*Problem to solve*. Copy out each line of the material in which the word "drawing" appears.

_ _ _ _ _ _ _

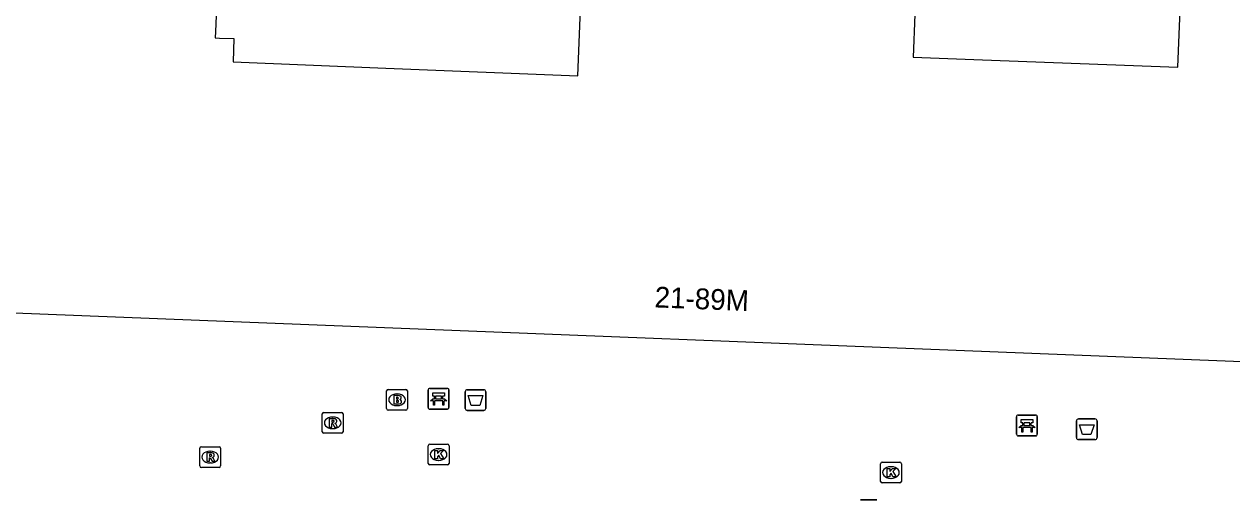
# Model space of a CAD drawing. Extents: x 160891 to 161384, y 386490 to 386907.
# Drawn here: x 161211.9 to 161270, y 386833.9 to 386856.8 of the extents above; entities that cross this region are included whole.
import ezdxf

# ---------------------------------------------------------------- set-up
doc = ezdxf.new("R2010")
doc.units = 0
for name, color, linetype in [('IMGEO_Afvalbak', 7, 'Continuous'), ('IMGEO_Bank', 7, 'Continuous'), ('IMGEO_Brandkraan', 7, 'Continuous'), ('IMGEO_Kolk', 7, 'Continuous'), ('IMGEO_Pand', 7, 'Continuous'), ('IMGEO_Pand_nummerreeks', 7, 'Continuous'), ('IMGEO_Reclamebord', 7, 'Continuous'), ('IMGEO_Rioolput', 7, 'Continuous')]:
    doc.layers.add(name, color=color, linetype=linetype)

msp = doc.modelspace()

# ---------------------------------------------------------------- linework, layer by layer
at = {"layer": 'IMGEO_Afvalbak'}
for p, q in [((161233.09, 386838.273), (161233.09, 386839.073)), ((161233.09, 386839.073), (161233.09, 386838.273)), ((161233.19, 386839.173), (161233.98, 386839.173)), ((161233.98, 386839.173), (161233.19, 386839.173)), ((161234.08, 386839.073), (161234.08, 386838.273)), ((161234.08, 386838.273), (161234.08, 386839.073)), ((161233.98, 386838.173), (161233.19, 386838.173)), ((161233.19, 386838.173), (161233.98, 386838.173)), ((161262.495, 386836.869), (161262.495, 386837.669)), ((161262.495, 386837.669), (161262.495, 386836.869)), ((161262.595, 386837.769), (161263.385, 386837.769)), ((161263.385, 386837.769), (161262.595, 386837.769)), ((161263.485, 386837.669), (161263.485, 386836.869)), ((161263.485, 386836.869), (161263.485, 386837.669)), ((161263.385, 386836.769), (161262.595, 386836.769)), ((161262.595, 386836.769), (161263.385, 386836.769))]:
    msp.add_line(p, q, dxfattribs=at)
for points in [[(161233.233, 386838.887), (161233.937, 386838.887), (161233.788, 386838.417), (161233.382, 386838.417), (161233.233, 386838.887)], [(161262.638, 386837.483), (161263.342, 386837.483), (161263.193, 386837.013), (161262.787, 386837.013), (161262.638, 386837.483)]]:
    msp.add_lwpolyline(points, dxfattribs=at)
for centre, start, end in [((161233.19, 386839.073), 90, 180), ((161233.19, 386839.073), 90, 180), ((161233.98, 386839.073), 0, 90), ((161233.98, 386839.073), 360, 90), ((161233.19, 386838.273), 180, 270), ((161233.19, 386838.273), 180, 270), ((161233.98, 386838.273), 270, 0), ((161233.98, 386838.273), 270, 0), ((161262.595, 386837.669), 90, 180), ((161262.595, 386837.669), 90, 180), ((161263.385, 386837.669), 0, 90), ((161263.385, 386837.669), 360, 90), ((161262.595, 386836.869), 180, 270), ((161262.595, 386836.869), 180, 270), ((161263.385, 386836.869), 270, 0), ((161263.385, 386836.869), 270, 0)]:
    msp.add_arc(centre, 0.1, start, end, dxfattribs=at)
at = {"layer": 'IMGEO_Bank'}
for p, q in [((161231.308, 386838.312), (161231.308, 386839.153)), ((161231.308, 386839.153), (161231.308, 386838.312)), ((161231.383, 386839.237), (161232.224, 386839.237)), ((161232.224, 386839.237), (161231.383, 386839.237)), ((161231.617, 386838.743), (161231.617, 386838.849)), ((161231.661, 386838.849), (161231.661, 386838.743)), ((161231.949, 386838.855), (161231.667, 386838.855)), ((161231.955, 386838.743), (161231.955, 386838.849)), ((161231.999, 386838.849), (161231.999, 386838.743)), ((161232.308, 386839.162), (161232.308, 386838.321)), ((161232.308, 386838.321), (161232.308, 386839.162)), ((161232.233, 386838.237), (161231.392, 386838.237)), ((161231.392, 386838.237), (161232.233, 386838.237)), ((161232.005, 386838.635), (161231.612, 386838.635)), ((161231.667, 386838.737), (161231.949, 386838.737)), ((161259.612, 386837.027), (161259.612, 386837.868)), ((161259.612, 386837.868), (161259.612, 386837.027)), ((161259.687, 386837.952), (161260.528, 386837.952)), ((161260.528, 386837.952), (161259.687, 386837.952)), ((161260.612, 386837.877), (161260.612, 386837.036)), ((161260.612, 386837.036), (161260.612, 386837.877)), ((161260.309, 386837.35), (161259.916, 386837.35)), ((161259.921, 386837.458), (161259.921, 386837.564)), ((161259.965, 386837.564), (161259.965, 386837.458)), ((161260.253, 386837.57), (161259.971, 386837.57)), ((161259.971, 386837.452), (161260.253, 386837.452)), ((161260.259, 386837.458), (161260.259, 386837.564)), ((161260.303, 386837.564), (161260.303, 386837.458)), ((161260.537, 386836.952), (161259.696, 386836.952)), ((161259.696, 386836.952), (161260.537, 386836.952))]:
    msp.add_line(p, q, dxfattribs=at)
for points in [[(161231.611, 386838.855), (161231.525, 386838.855), (161231.525, 386839.016), (161232.088, 386839.016), (161232.088, 386838.855), (161232.005, 386838.855)], [(161231.555, 386838.635), (161231.413, 386838.635), (161231.525, 386838.737), (161231.611, 386838.737)], [(161231.605, 386838.628), (161231.605, 386838.421), (161231.562, 386838.421), (161231.562, 386838.628)], [(161232.005, 386838.737), (161232.088, 386838.737), (161232.2, 386838.635), (161232.061, 386838.635)], [(161232.055, 386838.628), (161232.055, 386838.421), (161232.011, 386838.421), (161232.011, 386838.628)], [(161259.915, 386837.57), (161259.829, 386837.57), (161259.829, 386837.731), (161260.392, 386837.731), (161260.392, 386837.57), (161260.309, 386837.57)], [(161259.859, 386837.35), (161259.717, 386837.35), (161259.829, 386837.452), (161259.915, 386837.452)], [(161259.909, 386837.343), (161259.909, 386837.136), (161259.866, 386837.136), (161259.866, 386837.343)], [(161260.309, 386837.452), (161260.392, 386837.452), (161260.504, 386837.35), (161260.365, 386837.35)], [(161260.359, 386837.343), (161260.359, 386837.136), (161260.315, 386837.136), (161260.315, 386837.343)]]:
    msp.add_lwpolyline(points, dxfattribs=at)
for centre, radius, start, end in [((161231.386, 386839.159), 0.0779, 92.4484, 184.28452), ((161231.386, 386839.159), 0.0779, 92.4484, 184.28452), ((161231.61, 386838.848), 0.00671, 2.89567, 87.10433), ((161231.667, 386838.848), 0.00671, 92.89567, 177.10433), ((161231.949, 386838.848), 0.00671, 2.89567, 87.10433), ((161232.006, 386838.848), 0.00671, 92.89567, 177.10433), ((161232.23, 386839.159), 0.0779, 2.4484, 94.28452), ((161232.23, 386839.159), 0.0779, 2.4484, 94.28452), ((161231.386, 386838.315), 0.0779, 182.4484, 274.28452), ((161231.386, 386838.315), 0.0779, 182.4484, 274.28452), ((161231.555, 386838.628), 0.00671, 2.89567, 87.10433), ((161231.612, 386838.628), 0.00671, 92.89567, 177.10433), ((161231.61, 386838.744), 0.00671, 272.89567, 357.10433), ((161231.667, 386838.744), 0.00671, 182.89567, 267.10433), ((161231.949, 386838.744), 0.00671, 272.89567, 357.10433), ((161232.006, 386838.744), 0.00671, 182.89567, 267.10433), ((161232.004, 386838.628), 0.00671, 2.89567, 87.10433), ((161232.061, 386838.628), 0.00671, 92.89567, 177.10433), ((161232.23, 386838.315), 0.0779, 272.4484, 4.28452), ((161232.23, 386838.315), 0.0779, 272.4484, 4.28452), ((161259.69, 386837.874), 0.0779, 92.4484, 184.28452), ((161259.69, 386837.874), 0.0779, 92.4484, 184.28452), ((161260.534, 386837.874), 0.0779, 2.4484, 94.28452), ((161260.534, 386837.874), 0.0779, 2.4484, 94.28452), ((161259.859, 386837.343), 0.00671, 2.89567, 87.10433), ((161259.916, 386837.343), 0.00671, 92.89567, 177.10433), ((161259.914, 386837.563), 0.00671, 2.89567, 87.10433), ((161259.914, 386837.459), 0.00671, 272.89567, 357.10433), ((161259.971, 386837.563), 0.00671, 92.89567, 177.10433), ((161259.971, 386837.459), 0.00671, 182.89567, 267.10433), ((161260.253, 386837.563), 0.00671, 2.89567, 87.10433), ((161260.253, 386837.459), 0.00671, 272.89567, 357.10433), ((161260.31, 386837.563), 0.00671, 92.89567, 177.10433), ((161260.31, 386837.459), 0.00671, 182.89567, 267.10433), ((161260.308, 386837.343), 0.00671, 2.89567, 87.10433), ((161260.365, 386837.343), 0.00671, 92.89567, 177.10433), ((161259.69, 386837.03), 0.0779, 182.4484, 274.28452), ((161259.69, 386837.03), 0.0779, 182.4484, 274.28452), ((161260.534, 386837.03), 0.0779, 272.4484, 4.28452), ((161260.534, 386837.03), 0.0779, 272.4484, 4.28452)]:
    msp.add_arc(centre, radius, start, end, dxfattribs=at)
at = {"layer": 'IMGEO_Brandkraan'}
for p, q in [((161229.31, 386838.262), (161229.31, 386839.114)), ((161229.385, 386839.188), (161230.237, 386839.188)), ((161229.798, 386838.968), (161229.823, 386838.968)), ((161230.311, 386839.114), (161230.311, 386838.262)), ((161229.821, 386838.408), (161229.796, 386838.408)), ((161230.237, 386838.188), (161229.385, 386838.188))]:
    msp.add_line(p, q, dxfattribs=at)
for points in [[(161229.31, 386838.262), (161229.31, 386839.114)], [(161229.385, 386839.188), (161230.237, 386839.188)], [(161229.658, 386838.888), (161229.658, 386838.488), (161229.871, 386838.488)], [(161229.889, 386838.888), (161229.658, 386838.888)], [(161229.837, 386838.807), (161229.783, 386838.807), (161229.783, 386838.731)], [(161230.311, 386839.114), (161230.311, 386838.262)], [(161229.783, 386838.731), (161229.836, 386838.731)], [(161229.845, 386838.655), (161229.783, 386838.655), (161229.783, 386838.574)], [(161229.783, 386838.574), (161229.845, 386838.574)], [(161230.237, 386838.188), (161229.385, 386838.188)]]:
    msp.add_lwpolyline(points, dxfattribs=at)
for centre, radius, start, end in [((161229.387, 386839.112), 0.0765, 91.55205, 178.44795), ((161229.387, 386839.112), 0.0765, 91.55205, 178.44795), ((161229.838, 386838.769), 0.0379, 267.82845, 90.93552), ((161229.893, 386838.743), 0.145, 59.4692, 91.53667), ((161229.918, 386838.79), 0.0922, 285.51372, 58.15012), ((161230.235, 386839.112), 0.0765, 1.55205, 88.44795), ((161230.235, 386839.112), 0.0765, 1.55205, 88.44795), ((161229.387, 386838.264), 0.0765, 181.55205, 268.44795), ((161229.387, 386838.264), 0.0765, 181.55205, 268.44795), ((161229.846, 386838.614), 0.0404, 269.87594, 90.50774), ((161229.877, 386838.739), 0.251, 268.66757, 293.53466), ((161229.923, 386838.598), 0.105, 301.31148, 78.98903), ((161230.235, 386838.264), 0.0765, 271.55205, 358.44795), ((161230.235, 386838.264), 0.0765, 271.55205, 358.44795)]:
    msp.add_arc(centre, radius, start, end, dxfattribs=at)
for centre, major_axis, ratio, start_param, end_param in [((161229.797, 386838.688), (-0.387, 0.002), 0.722429, 4.712389, 7.853982), ((161229.822, 386838.688), (-0.39, 0.002), 0.717154, 1.570796, 4.712389)]:
    msp.add_ellipse(centre, major_axis=major_axis, ratio=ratio, start_param=start_param, end_param=end_param, dxfattribs=at)
at = {"layer": 'IMGEO_Kolk'}
for p, q in [((161231.311, 386835.627), (161231.311, 386836.479)), ((161231.386, 386836.553), (161232.238, 386836.553)), ((161232.312, 386836.479), (161232.312, 386835.627)), ((161231.799, 386836.333), (161231.824, 386836.333)), ((161232.238, 386835.553), (161231.386, 386835.553)), ((161231.822, 386835.773), (161231.797, 386835.773)), ((161253.072, 386834.761), (161253.072, 386835.613)), ((161253.147, 386835.687), (161253.999, 386835.687)), ((161253.56, 386835.467), (161253.585, 386835.467)), ((161254.073, 386835.613), (161254.073, 386834.761)), ((161253.583, 386834.907), (161253.558, 386834.907)), ((161253.999, 386834.687), (161253.147, 386834.687))]:
    msp.add_line(p, q, dxfattribs=at)
for points in [[(161231.311, 386835.627), (161231.311, 386836.479)], [(161231.386, 386836.553), (161232.238, 386836.553)], [(161232.312, 386836.479), (161232.312, 386835.627)], [(161231.632, 386836.253), (161231.755, 386836.253), (161231.755, 386836.102), (161231.885, 386836.253), (161232.049, 386836.253), (161231.903, 386836.102), (161232.056, 386835.853), (161231.904, 386835.853), (161231.819, 386836.017), (161231.755, 386835.95), (161231.755, 386835.853), (161231.632, 386835.853), (161231.632, 386836.253)], [(161232.238, 386835.553), (161231.386, 386835.553)], [(161253.072, 386834.761), (161253.072, 386835.613)], [(161253.147, 386835.687), (161253.999, 386835.687)], [(161253.393, 386835.387), (161253.516, 386835.387), (161253.516, 386835.236), (161253.646, 386835.387), (161253.81, 386835.387), (161253.664, 386835.236), (161253.817, 386834.987), (161253.665, 386834.987), (161253.58, 386835.151), (161253.516, 386835.084), (161253.516, 386834.987), (161253.393, 386834.987), (161253.393, 386835.387)], [(161254.073, 386835.613), (161254.073, 386834.761)], [(161253.999, 386834.687), (161253.147, 386834.687)]]:
    msp.add_lwpolyline(points, dxfattribs=at)
for centre, start, end in [((161231.388, 386836.477), 91.55205, 178.44795), ((161231.388, 386836.477), 91.55205, 178.44795), ((161232.236, 386836.477), 1.55205, 88.44795), ((161232.236, 386836.477), 1.55205, 88.44795), ((161231.388, 386835.629), 181.55205, 268.44795), ((161231.388, 386835.629), 181.55205, 268.44795), ((161232.236, 386835.629), 271.55205, 358.44795), ((161232.236, 386835.629), 271.55205, 358.44795), ((161253.149, 386835.611), 91.55205, 178.44795), ((161253.149, 386835.611), 91.55205, 178.44795), ((161253.997, 386835.611), 1.55205, 88.44795), ((161253.997, 386835.611), 1.55205, 88.44795), ((161253.149, 386834.763), 181.55205, 268.44795), ((161253.149, 386834.763), 181.55205, 268.44795), ((161253.997, 386834.763), 271.55205, 358.44795), ((161253.997, 386834.763), 271.55205, 358.44795)]:
    msp.add_arc(centre, 0.0765, start, end, dxfattribs=at)
for centre, major_axis, ratio, start_param, end_param in [((161231.798, 386836.053), (-0.387, 0.002), 0.722429, 4.712389, 7.853982), ((161231.823, 386836.053), (-0.39, 0.002), 0.717154, 1.570796, 4.712389), ((161253.559, 386835.187), (-0.387, 0.002), 0.722429, 4.712389, 7.853982), ((161253.584, 386835.187), (-0.39, 0.002), 0.717154, 1.570796, 4.712389)]:
    msp.add_ellipse(centre, major_axis=major_axis, ratio=ratio, start_param=start_param, end_param=end_param, dxfattribs=at)
at = {"layer": 'IMGEO_Pand'}
for points in [[(161222.369, 386886.248), (161221.375, 386860.939), (161221.275, 386860.943), (161221.078, 386856.403), (161221.066, 386856.099), (161221.271, 386856.091), (161221.965, 386856.062), (161221.919, 386854.943), (161229.279, 386854.644), (161238.505, 386854.269), (161238.86, 386863.105), (161248.886, 386860.967), (161254.82, 386859.706), (161254.804, 386859.3), (161254.641, 386855.168), (161257.979, 386855.044), (161267.366, 386854.695), (161267.493, 386857.839), (161277.574, 386857.417), (161277.385, 386852.718), (161283.395, 386852.488)], [(161282.19, 386840.045), (161203.707, 386843.159)]]:
    msp.add_lwpolyline(points, dxfattribs=at)
at = {"layer": 'IMGEO_Reclamebord'}
for p, q in [((161252.108, 386833.873), (161252.898, 386833.873)), ((161252.898, 386833.873), (161252.108, 386833.873))]:
    msp.add_line(p, q, dxfattribs=at)
at = {"layer": 'IMGEO_Rioolput'}
for p, q in [((161226.214, 386837.151), (161226.214, 386838.003)), ((161226.289, 386838.077), (161227.141, 386838.077)), ((161226.702, 386837.857), (161226.727, 386837.857)), ((161227.215, 386838.003), (161227.215, 386837.151)), ((161227.141, 386837.077), (161226.289, 386837.077)), ((161226.725, 386837.297), (161226.7, 386837.297)), ((161220.321, 386835.504), (161220.321, 386836.356)), ((161220.396, 386836.43), (161221.248, 386836.43)), ((161220.809, 386836.21), (161220.834, 386836.21)), ((161221.322, 386836.356), (161221.322, 386835.504)), ((161221.248, 386835.43), (161220.396, 386835.43)), ((161220.832, 386835.65), (161220.807, 386835.65))]:
    msp.add_line(p, q, dxfattribs=at)
for points in [[(161226.214, 386837.151), (161226.214, 386838.003)], [(161226.289, 386838.077), (161227.141, 386838.077)], [(161226.803, 386837.775), (161226.551, 386837.777), (161226.551, 386837.377)], [(161226.729, 386837.696), (161226.675, 386837.696), (161226.675, 386837.615)], [(161227.215, 386838.003), (161227.215, 386837.151)], [(161227.141, 386837.077), (161226.289, 386837.077)], [(161226.551, 386837.377), (161226.675, 386837.377), (161226.675, 386837.539), (161226.686, 386837.539)], [(161226.675, 386837.615), (161226.727, 386837.615)], [(161226.733, 386837.51), (161226.804, 386837.377), (161226.944, 386837.377), (161226.879, 386837.503)], [(161220.321, 386835.504), (161220.321, 386836.356)], [(161220.396, 386836.43), (161221.248, 386836.43)], [(161220.91, 386836.128), (161220.658, 386836.13), (161220.658, 386835.73)], [(161220.658, 386835.73), (161220.782, 386835.73), (161220.782, 386835.892), (161220.793, 386835.892)], [(161220.836, 386836.049), (161220.782, 386836.049), (161220.782, 386835.968)], [(161220.782, 386835.968), (161220.834, 386835.968)], [(161221.322, 386836.356), (161221.322, 386835.504)], [(161221.248, 386835.43), (161220.396, 386835.43)], [(161220.84, 386835.863), (161220.911, 386835.73), (161221.051, 386835.73), (161220.986, 386835.856)]]:
    msp.add_lwpolyline(points, dxfattribs=at)
for centre, radius, start, end in [((161226.291, 386838.001), 0.0765, 91.55205, 178.44795), ((161226.291, 386838.001), 0.0765, 91.55205, 178.44795), ((161226.735, 386837.6), 0.0964, 77.00612, 93.18647), ((161226.749, 386837.657), 0.0378, 276.66336, 79.67722), ((161226.802, 386837.665), 0.109, 350.36119, 89.41601), ((161226.8, 386837.665), 0.112, 277.58423, 350.98172), ((161227.139, 386838.001), 0.0765, 1.55205, 88.44795), ((161227.139, 386838.001), 0.0765, 1.55205, 88.44795), ((161226.291, 386837.153), 0.0765, 181.55205, 268.44795), ((161226.291, 386837.153), 0.0765, 181.55205, 268.44795), ((161226.685, 386837.486), 0.0533, 26.02933, 88.69889), ((161226.711, 386837.804), 0.19, 274.7715, 282.96867), ((161226.784, 386837.45), 0.108, 29.51342, 73.79051), ((161227.139, 386837.153), 0.0765, 271.55205, 358.44795), ((161227.139, 386837.153), 0.0765, 271.55205, 358.44795), ((161220.398, 386836.354), 0.0765, 91.55205, 178.44795), ((161220.398, 386836.354), 0.0765, 91.55205, 178.44795), ((161220.792, 386835.839), 0.0533, 26.02933, 88.69889), ((161220.818, 386836.157), 0.19, 274.7715, 282.96867), ((161220.842, 386835.953), 0.0964, 77.00612, 93.18647), ((161220.856, 386836.01), 0.0378, 276.66336, 79.67722), ((161220.909, 386836.018), 0.109, 350.36119, 89.41601), ((161220.907, 386836.018), 0.112, 277.58423, 350.98172), ((161220.891, 386835.803), 0.108, 29.51342, 73.79051), ((161221.246, 386836.354), 0.0765, 1.55205, 88.44795), ((161221.246, 386836.354), 0.0765, 1.55205, 88.44795), ((161220.398, 386835.506), 0.0765, 181.55205, 268.44795), ((161220.398, 386835.506), 0.0765, 181.55205, 268.44795), ((161221.246, 386835.506), 0.0765, 271.55205, 358.44795), ((161221.246, 386835.506), 0.0765, 271.55205, 358.44795)]:
    msp.add_arc(centre, radius, start, end, dxfattribs=at)
for centre, major_axis, ratio, start_param, end_param in [((161226.701, 386837.577), (-0.387, 0.002), 0.722429, 4.712389, 7.853982), ((161226.726, 386837.577), (-0.39, 0.002), 0.717154, 1.570796, 4.712389), ((161220.808, 386835.93), (-0.387, 0.002), 0.722429, 4.712389, 7.853982), ((161220.833, 386835.93), (-0.39, 0.002), 0.717154, 1.570796, 4.712389)]:
    msp.add_ellipse(centre, major_axis=major_axis, ratio=ratio, start_param=start_param, end_param=end_param, dxfattribs=at)

# ---------------------------------------------------------------- texts
at = {"layer": 'IMGEO_Pand_nummerreeks'}
msp.add_text('21-89M', height=1, rotation=357.72536, dxfattribs=at).set_placement((161242.186, 386843.134))

doc.saveas('drawing.dxf')

_ _ _ _ _ _ _

*Output of the exercise*.
# Model space of a CAD drawing. Extents: x 160891 to 161384, y 386490 to 386907.
doc.saveas('drawing.dxf')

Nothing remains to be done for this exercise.